* _Action item_
A verbatim reproduction of the lines below, from the line containing "# Units and contexts" through the line containing "499.5586), z_axis=(0.0, 0.0, 1.0), x_axis=(1.0, 0.0, 0.0)))", both ends included, is the whole required output.

Data excerpts:
********

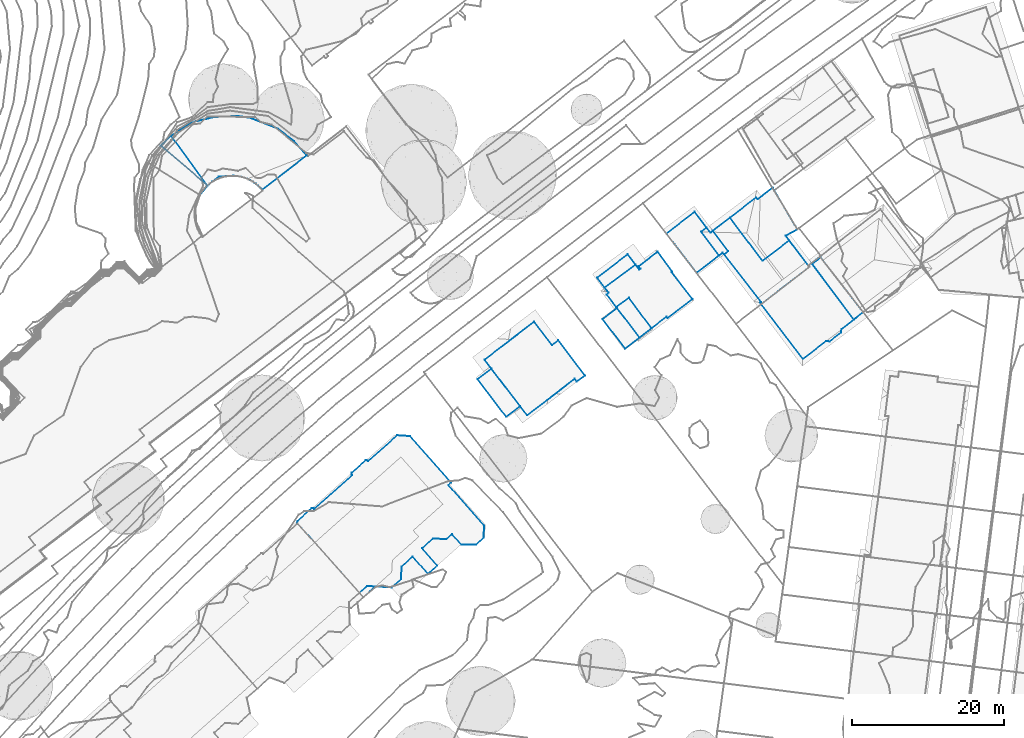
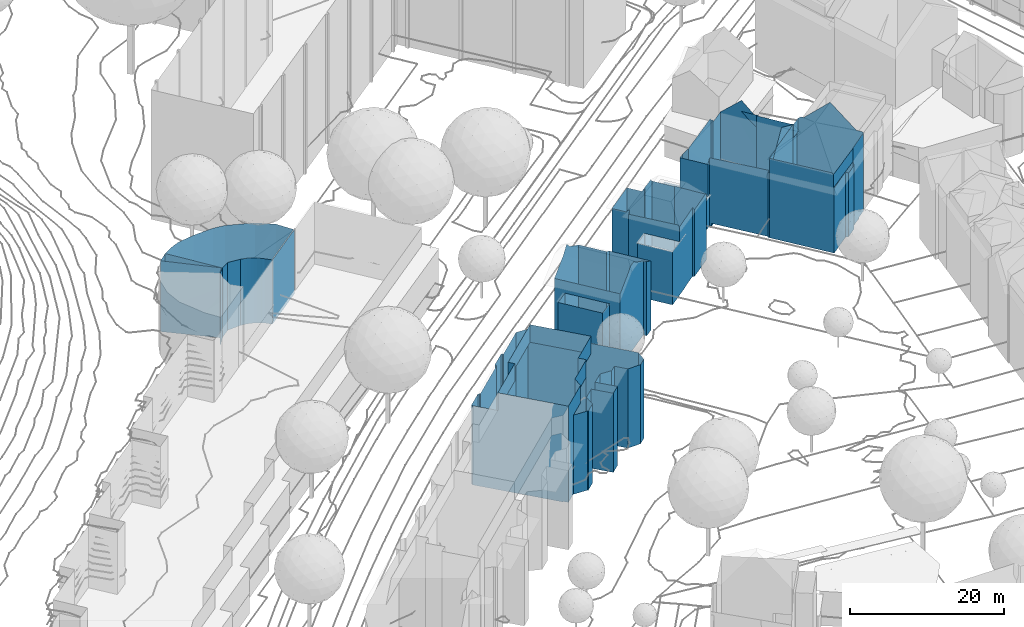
# Not in any storey, part 33 of 494: 8 walls.
"""IFC2X3 model written with IfcOpenShell, lengths in metres."""

from ifc_helpers import new_model, si_unit, frame, origin_with_axes, place, context, subcontext, project, faceted_brep, element, save


model = new_model("IFC2X3")

# Units and contexts
model_context = context("Model", 3, precision=1e-05, world=origin_with_axes())
body_context = subcontext(model_context, "Body", "Model", "MODEL_VIEW")
ifc_project = project(units=[si_unit("AREAUNIT", "SQUARE_METRE"), si_unit("LENGTHUNIT", "METRE")], contexts=[model_context])

# Walls
wall_1_placement = place(None, frame((365.5087320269, 90.6648160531, 499.5586), z_axis=(0.0, 0.0, 1.0), x_axis=(1.0, 0.0, 0.0)))
element("IfcWall", 1, at=wall_1_placement, Name="Wall 0", context=body_context, shape_type="Brep", body=[
    faceted_brep([(12.4389999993, -6.5107000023, 15.3595), (10.2949999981, -8.4140000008, 12.5588), (12.4389999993, -6.5107000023, 12.5588), (8.7309999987, -9.8016999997, 15.3595), (8.7309999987, -9.8016999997, 0.095), (10.2949999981, -8.4140000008, 0.095), (12.5339999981, -4.9149999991, 15.3595), (12.5339999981, -4.9149999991, 12.5588), (16.0089999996, -1.8310000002, 15.3595), (16.0089999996, -1.8310000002, 12.5588), (15.2800000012, -1.0097000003, 15.3595), (15.2800000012, -1.0097000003, 12.5588), (19.186999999, 2.4589999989, 15.3595), (19.186999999, 2.4589999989, 12.5588), (13.6550000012, 8.6895000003, 15.3595), (13.6550000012, 8.6895000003, 12.5588), (6.9290000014, 2.7188000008, 15.3595), (6.9290000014, 2.7188000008, 12.5588), (7.5280000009, 2.0439999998, 15.3595), (7.5280000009, 2.0439999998, 12.5588), (2.305999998, -2.5908000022, 15.3595), (2.305999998, -2.5908000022, 12.5588), (13.1970000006, 11.5372000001, 12.5588), (14.8920000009, 11.4208999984, 12.5588), (13.1970000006, 11.5372000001, 0.0), (9.3579999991, 8.1338, 12.5588), (9.3579999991, 8.1338, 0.0), (9.2780000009, 8.2236999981, 12.5588), (9.2780000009, 8.2236999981, 0.0), (9.0339999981, 8.2392999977, 12.5588), (9.0339999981, 8.2392999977, 0.0), (7.1680000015, 6.5830999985, 12.5588), (7.1680000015, 6.5830999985, 0.0), (7.1530000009, 6.3398999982, 12.5588), (7.1530000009, 6.3398999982, 0.0), (7.2329999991, 6.25, 12.5588), (7.2329999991, 6.25, 0.0), (2.2340000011, 1.8203999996, 12.5588), (2.2340000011, 1.8203999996, 0.0), (2.1539999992, 1.9101999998, 12.5588), (2.1539999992, 1.9101999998, 0.0), (1.9189999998, 1.9239000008, 12.5588), (1.9189999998, 1.9239000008, 0.0), (0.0219999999, 0.2402999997, 12.5588), (0.0219999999, 0.2402999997, 0.0), (0.0, 0.0, 12.5588), (0.0, 0.0, 0.0), (0.0769999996, -0.0908000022, 12.5588), (0.0769999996, -0.0908000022, 0.0), (12.4189999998, -8.5868999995, 12.5588), (12.3619999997, -8.5234000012, 12.5588), (12.4189999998, -8.5868999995, 0.0), (13.6900000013, -7.4580000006, 12.5588), (13.6900000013, -7.4580000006, 0.0), (13.7690000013, -5.7685000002, 12.5588), (13.7690000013, -5.7685000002, 0.0), (15.2329999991, -4.4648000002, 12.5588), (15.2329999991, -4.4648000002, 0.0), (17.2540000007, -6.7197000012, 12.5588), (17.2540000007, -6.7197000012, 0.0), (18.4820000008, -5.6297999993, 12.5588), (18.4820000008, -5.6297999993, 0.0), (16.4600000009, -3.3729999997, 12.5588), (16.4600000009, -3.3729999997, 0.0), (17.9169999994, -2.0751999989, 12.5588), (17.9169999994, -2.0751000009, 0.0), (19.625, -2.1845000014, 12.5588), (19.625, -2.1845000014, 0.0), (20.4100000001, -1.4862999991, 12.5588), (20.4100000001, -1.4862999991, 0.0), (21.6640000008, -2.8973999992, 12.5588), (21.6640000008, -2.8973999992, 0.0), (23.5819999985, -2.8584000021, 12.5588), (23.5819999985, -2.8584000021, 0.0), (24.5549999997, -1.9891999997, 12.5588), (24.5549999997, -1.9891999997, 0.0), (24.6719999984, -0.3662, 12.5588), (24.6719999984, -0.3662, 0.0), (19.9419999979, 4.9873999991, 12.5588), (19.9419999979, 4.9873999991, 0.0), (20.3209999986, 5.3242999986, 12.5588), (20.3209999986, 5.3242999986, 0.0), (14.8920000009, 11.4208999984, 0.0), (9.1849999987, -8.3553999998, 0.095), (8.2120000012, -9.2177000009, 0.0), (9.1849999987, -8.3553999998, 0.0), (12.3619999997, -8.5234000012, 0.0), (8.2109999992, -9.2186999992, 0.095)], [[[0, 1, 2]], [[1, 0, 3]], [[1, 4, 5]], [[4, 1, 3]], [[6, 0, 7]], [[8, 6, 9]], [[10, 8, 11]], [[12, 10, 13]], [[14, 12, 15]], [[16, 15, 17]], [[18, 17, 19]], [[20, 19, 21]], [[22, 23, 24]], [[25, 22, 26]], [[27, 25, 28]], [[29, 27, 30]], [[31, 29, 32]], [[33, 31, 34]], [[35, 33, 36]], [[37, 35, 38]], [[39, 37, 40]], [[41, 39, 42]], [[43, 41, 44]], [[45, 43, 46]], [[47, 45, 48]], [[49, 50, 51]], [[52, 49, 53]], [[54, 52, 55]], [[56, 54, 57]], [[58, 56, 59]], [[60, 58, 61]], [[62, 60, 63]], [[64, 62, 65]], [[66, 64, 67]], [[68, 66, 69]], [[70, 68, 71]], [[72, 70, 73]], [[74, 72, 75]], [[76, 74, 77]], [[78, 76, 79]], [[80, 78, 81]], [[23, 80, 82]], [[83, 84, 85]], [[86, 50, 5]], [[5, 50, 1]], [[5, 83, 85]], [[5, 85, 86]], [[4, 3, 87]], [[84, 87, 48]], [[3, 21, 87]], [[20, 21, 3]], [[47, 48, 21]], [[21, 48, 87]], [[0, 2, 7]], [[6, 7, 9]], [[8, 9, 11]], [[10, 11, 13]], [[12, 13, 15]], [[14, 15, 16]], [[16, 17, 18]], [[18, 19, 20]], [[23, 82, 24]], [[22, 24, 26]], [[25, 26, 28]], [[27, 28, 30]], [[29, 30, 32]], [[31, 32, 34]], [[33, 34, 36]], [[35, 36, 38]], [[37, 38, 40]], [[39, 40, 42]], [[41, 42, 44]], [[43, 44, 46]], [[45, 46, 48]], [[50, 86, 51]], [[49, 51, 53]], [[52, 53, 55]], [[54, 55, 57]], [[56, 57, 59]], [[58, 59, 61]], [[60, 61, 63]], [[62, 63, 65]], [[64, 65, 67]], [[66, 67, 69]], [[68, 69, 71]], [[70, 71, 73]], [[72, 73, 75]], [[74, 75, 77]], [[76, 77, 79]], [[78, 79, 81]], [[80, 81, 82]], [[87, 84, 83]]]),
])
wall_2_placement = place(None, frame((389.3167320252, 109.6180160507, 499.0156), z_axis=(0.0, 0.0, 1.0), x_axis=(1.0, 0.0, 0.0)))
element("IfcWall", 2, at=wall_2_placement, Name="Wall 0", context=body_context, shape_type="Brep", body=[
    faceted_brep([(12.8000000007, 0.0341000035, -0.032), (13.0810000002, -0.3320999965, 11.7299), (12.8000000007, 0.0341000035, 5.8495), (13.0810000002, -0.3320999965, -0.032), (14.1560000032, 0.4814000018, 10.965), (14.1560000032, 0.4814000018, -0.032), (10.6339999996, 5.1308000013, -0.032), (10.6339999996, 5.1308000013, 10.965), (7.443, 7.5722000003, 11.5719), (9.8150000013, 4.5029000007, 11.5509), (7.443, 7.5722000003, 8.6712), (7.443, 7.5722000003, -0.032), (7.443, 7.5722000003, 5.7565), (9.8150000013, 4.5029000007, -0.032), (0.0, 0.0, 9.6401), (1.807, 1.3857000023, 9.6401), (0.0, 0.0, 0.0), (3.7730000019, -4.9833999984, 9.6401), (3.7730000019, -4.9833999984, 0.0), (5.6060000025, -3.5771999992, 9.6401), (5.6060000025, -3.5771999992, 0.0), (0.9100000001, 2.5615000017, -0.032), (0.9100000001, 2.5615000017, 11.5769), (3.2840000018, 4.3828000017, -0.032), (4.1740000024, 5.0644000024, -0.032), (3.2840000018, 4.3828000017, 13.2738), (4.1740000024, 5.0644000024, 14.3297), (5.063000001, 5.7470000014, 13.2738), (12.8000000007, 0.0342000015, 11.7319), (10.6440000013, -1.620099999, 13.2738), (10.6590000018, -1.6083999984, -0.032), (8.8640000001, -2.9853999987, 13.2738), (9.2550000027, -2.6855999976, 13.7377), (9.2690000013, -2.673899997, -0.032), (6.5310000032, -4.7753999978, 11.6049), (6.5310000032, -4.7753999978, -0.032), (10.2460000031, -1.9247999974, 13.7447), (5.6060000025, -3.5771999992, 11.5969), (1.7340000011, 1.4814000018, 11.5789), (5.6060000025, -3.5771999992, -0.032), (1.807, 1.3857000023, 0.0), (1.6440000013, 1.5986000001, -0.032)], [[[0, 1, 2]], [[3, 1, 0]], [[4, 3, 5]], [[6, 7, 4]], [[5, 6, 4]], [[8, 9, 10]], [[11, 12, 13]], [[13, 12, 10]], [[14, 15, 16]], [[17, 14, 18]], [[19, 18, 20]], [[21, 22, 23]], [[24, 23, 12]], [[12, 11, 24]], [[22, 12, 23]], [[25, 26, 27]], [[25, 27, 10]], [[8, 10, 27]], [[22, 10, 12]], [[22, 25, 10]], [[28, 29, 2]], [[0, 2, 30]], [[2, 29, 31]], [[32, 31, 29]], [[33, 2, 31]], [[33, 31, 34]], [[2, 33, 30]], [[34, 35, 33]], [[29, 36, 32]], [[37, 38, 19]], [[34, 37, 19]], [[35, 19, 20]], [[19, 35, 34]], [[20, 39, 35]], [[40, 39, 20]], [[15, 19, 38]], [[15, 38, 22]], [[15, 22, 21]], [[40, 41, 39]], [[41, 40, 15]], [[15, 21, 41]], [[28, 2, 1]], [[1, 3, 4]], [[9, 7, 13]], [[13, 7, 6]], [[9, 13, 10]], [[15, 40, 16]], [[14, 16, 18]], [[17, 18, 19]]]),
])
wall_3_placement = place(None, frame((405.0787320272, 122.9930160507, 499.2066), z_axis=(0.0, 0.0, 1.0), x_axis=(1.0, 0.0, 0.0)))
element("IfcWall", 3, at=wall_3_placement, Name="Wall 0", context=body_context, shape_type="Brep", body=[
    faceted_brep([(7.9809999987, 3.4267000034, 10.213), (9.9129999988, 0.8252000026, 10.213), (7.9809999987, 3.4267000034, -0.126), (9.9129999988, 0.8252000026, -0.126), (0.9959999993, -1.2978999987, 0.0), (5.0779999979, 1.7256000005, 0.0), (0.9959999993, -1.2978999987, -0.126), (9.3090000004, -5.3173999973, 10.454), (9.1609999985, -5.1269999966, -0.126), (9.3090000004, -5.3173999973, 7.7333), (9.1609999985, -5.1269999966, 10.755), (1.5280000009, -1.9912, -0.126), (1.2509999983, -2.2060999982, -0.126), (1.2509999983, -2.2060999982, 10.704), (1.5280000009, -1.9912, 2.6988), (1.5280000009, -1.9912, 6.9344), (9.8220000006, 0.754900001, 10.366), (12.5799999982, -2.8007999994, 10.234), (9.8220000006, 0.754900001, -0.126), (12.5799999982, -2.8007999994, -0.126), (12.5799999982, -2.8007999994, 4.9885), (0.0, 0.0, 10.721), (4.0289999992, 3.0927000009, 10.721), (0.0, 0.0, 0.0), (5.4679999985, 1.4980000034, 6.4834), (5.6979999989, 1.1972000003, -0.126), (5.4679999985, 1.4980000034, 10.732), (5.4679999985, 1.4980000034, -0.126), (6.4250000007, 2.2324000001, 10.721), (6.432, 2.2226000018, 10.721), (6.4250000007, 2.2324000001, 10.706), (0.7219999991, -5.4570999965, 8.2642), (2.625, -3.9960999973, 8.2642), (0.7219999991, -5.4570999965, -0.206), (3.7120000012, -9.3544999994, 8.2642), (3.7120000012, -9.3544999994, -0.206), (4.1849999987, -2.6318999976, -0.126), (7.1750000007, -6.6679999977, -0.206), (4.1849999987, -2.6318999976, -0.206), (2.5229999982, -3.8632999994, -0.126), (2.5229999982, -3.8632999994, -0.206), (12.3969999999, -2.9423999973, 10.542), (9.3090000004, -5.3173999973, -0.126), (5.8830000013, 1.8154000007, 10.721), (7.7100000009, 3.2187000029, 10.672), (5.563000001, 1.0937000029, -0.126), (4.0289999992, 3.0927000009, 0.0), (5.0779999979, 1.7256000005, -0.126), (5.3249999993, 1.4033000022, 10.721), (5.563000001, 1.0937000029, 11.2089), (1.5280000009, -1.9912, 11.1709), (1.4620000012, -1.9042999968, 11.1689), (1.4620000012, -1.9042999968, -0.126), (1.243999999, -1.620099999, 10.721), (7.1750000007, -6.6679999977, -0.126), (5.6070000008, -7.8857999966, 8.2642), (2.625, -3.9960999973, -0.206), (5.6070000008, -7.8857999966, 10.63), (5.4959999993, -7.7402999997, 10.859), (2.574000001, -3.9296999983, 10.754), (5.6979999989, 1.1972000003, 11.2049)], [[[0, 1, 2]], [[1, 3, 2]], [[4, 5, 6]], [[7, 8, 9]], [[7, 10, 8]], [[11, 12, 13]], [[14, 13, 15]], [[16, 17, 18]], [[19, 18, 20]], [[1, 16, 18]], [[1, 18, 3]], [[21, 22, 23]], [[24, 25, 26]], [[27, 25, 24]], [[28, 29, 30]], [[31, 32, 33]], [[34, 31, 35]], [[36, 37, 38]], [[39, 36, 40]], [[41, 20, 17]], [[20, 41, 9]], [[20, 9, 19]], [[19, 9, 42]], [[41, 7, 9]], [[26, 43, 24]], [[2, 27, 24]], [[43, 30, 24]], [[28, 30, 43]], [[30, 44, 2]], [[0, 2, 44]], [[30, 2, 24]], [[5, 22, 45]], [[5, 46, 22]], [[45, 47, 5]], [[45, 22, 48]], [[49, 45, 48]], [[50, 51, 15]], [[4, 14, 15]], [[52, 11, 14]], [[51, 53, 15]], [[15, 21, 4]], [[4, 21, 23]], [[52, 4, 6]], [[52, 14, 4]], [[15, 53, 21]], [[8, 10, 54]], [[55, 34, 35]], [[55, 54, 10]], [[54, 35, 37]], [[35, 54, 55]], [[40, 56, 39]], [[32, 39, 56]], [[55, 57, 32]], [[32, 58, 59]], [[32, 12, 39]], [[12, 32, 59]], [[59, 13, 12]], [[32, 57, 58]], [[25, 49, 60]], [[45, 49, 25]], [[5, 47, 6]], [[42, 9, 8]], [[50, 15, 13]], [[11, 13, 14]], [[17, 20, 18]], [[22, 46, 23]], [[25, 60, 26]], [[32, 56, 33]], [[31, 33, 35]], [[54, 37, 36]], [[36, 38, 40]], [[57, 55, 10]]]),
])
wall_4_placement = place(None, frame((287.111732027, 46.2742160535, 500.3625), z_axis=(0.0, 0.0, 1.0), x_axis=(1.0, 0.0, 0.0)))
element("IfcWall", 4, at=wall_4_placement, Name="Wall 5", context=body_context, shape_type="Brep", body=[
    faceted_brep([(66.5370000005, 88.8905999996, 10.752), (66.5390000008, 88.8925999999, 10.753), (66.5350000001, 88.8886999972, 10.753), (66.5390000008, 88.8925999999, 2.4188), (66.5379999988, 88.8915999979, 2.4188), (66.5370000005, 88.8905999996, 3.8077), (66.5399000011, 88.8924999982, -0.3589), (66.5359999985, 88.8896999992, -0.3589), (66.5350999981, 88.8887999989, -0.3589), (61.7819999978, 95.4219000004, 10.7531), (61.7819999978, 95.4219000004, -0.3589), (60.3469999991, 94.1474999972, 10.877), (60.3469999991, 94.1474999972, -0.3589), (66.5399999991, 88.8925999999, 10.753)], [[[0, 1, 2]], [[3, 1, 4]], [[4, 1, 5]], [[6, 3, 4]], [[0, 2, 5]], [[4, 5, 7]], [[8, 5, 2]], [[8, 7, 5]], [[4, 7, 6]], [[9, 6, 10]], [[11, 9, 12]], [[2, 12, 8]], [[1, 0, 5]], [[1, 3, 6]], [[13, 6, 9]], [[9, 10, 12]], [[11, 12, 2]]]),
])
wall_5_placement = place(None, frame((287.111732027, 46.2742160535, 500.3625), z_axis=(0.0, 0.0, 1.0), x_axis=(1.0, 0.0, 0.0)))
element("IfcWall", 5, at=wall_5_placement, Name="Wall 6", context=body_context, shape_type="Brep", body=[
    faceted_brep([(65.557, 87.5995999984, 11.102), (65.5219999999, 87.6425999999, 11.101), (65.557, 87.5995999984, -0.3589), (66.557, 88.8691999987, 10.753), (66.557, 88.8691999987, -0.3589), (66.5080000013, 88.8662, 2.4178), (66.5249999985, 88.8808999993, 10.756), (66.5249999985, 88.8808999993, 2.4128), (66.4919999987, 88.8534999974, 10.765), (66.5069999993, 88.8652999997, 10.761), (66.4919999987, 88.8534999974, -0.3589), (66.5370000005, 88.8905999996, 10.753), (66.5359999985, 88.8896999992, -0.3589), (66.180999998, 88.5449000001, -0.3589), (65.8969999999, 88.2099999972, 10.956), (66.180999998, 88.5449000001, 10.861), (65.8969999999, 88.2099999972, -0.3589), (65.6440000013, 87.8515999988, -0.3589), (65.6440000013, 87.8515999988, 11.05), (65.5219999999, 87.6425999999, -0.3589), (66.5390000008, 88.8925999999, 10.753), (66.5390000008, 88.8915999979, -0.3589), (66.5399999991, 88.8925999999, -0.3589), (66.5370000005, 88.8906999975, 2.4188), (66.5379999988, 88.8915999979, 2.4188), (66.5390000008, 88.8925999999, 2.4188)], [[[0, 1, 2]], [[3, 2, 4]], [[5, 6, 7]], [[8, 9, 10]], [[6, 11, 7]], [[5, 7, 12]], [[11, 12, 7]], [[5, 12, 10]], [[8, 10, 13]], [[14, 15, 13]], [[16, 14, 13]], [[14, 16, 17]], [[18, 17, 1]], [[1, 17, 19]], [[20, 3, 21]], [[20, 21, 22]], [[23, 11, 24]], [[24, 20, 25]], [[11, 23, 12]], [[12, 23, 24]], [[24, 25, 22]], [[24, 22, 12]], [[1, 19, 2]], [[0, 2, 3]], [[9, 6, 5]], [[9, 5, 10]], [[13, 15, 8]], [[14, 17, 18]], [[3, 4, 21]], [[11, 20, 24]], [[20, 22, 25]]]),
])
wall_6_placement = place(None, frame((287.111732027, 46.2742160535, 500.3625), z_axis=(0.0, 0.0, 1.0), x_axis=(1.0, 0.0, 0.0)))
element("IfcWall", 6, at=wall_6_placement, Name="Wall 8", context=body_context, shape_type="Brep", body=[
    faceted_brep([(70.4869999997, 98.0429999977, 10.1411), (72.0909999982, 97.8105999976, 10.1411), (70.4869999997, 98.0429999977, -0.3589), (67.4470000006, 97.9140999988, 10.1411), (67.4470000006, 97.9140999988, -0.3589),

********

* _Written response_
# Units and contexts
model_context = context("Model", 3, precision=1e-05, world=origin_with_axes())
body_context = subcontext(model_context, "Body", "Model", "MODEL_VIEW")
ifc_project = project(units=[si_unit("AREAUNIT", "SQUARE_METRE"), si_unit("LENGTHUNIT", "METRE")], contexts=[model_context])

# Walls
wall_1_placement = place(None, frame((365.5087320269, 90.6648160531, 499.5586), z_axis=(0.0, 0.0, 1.0), x_axis=(1.0, 0.0, 0.0)))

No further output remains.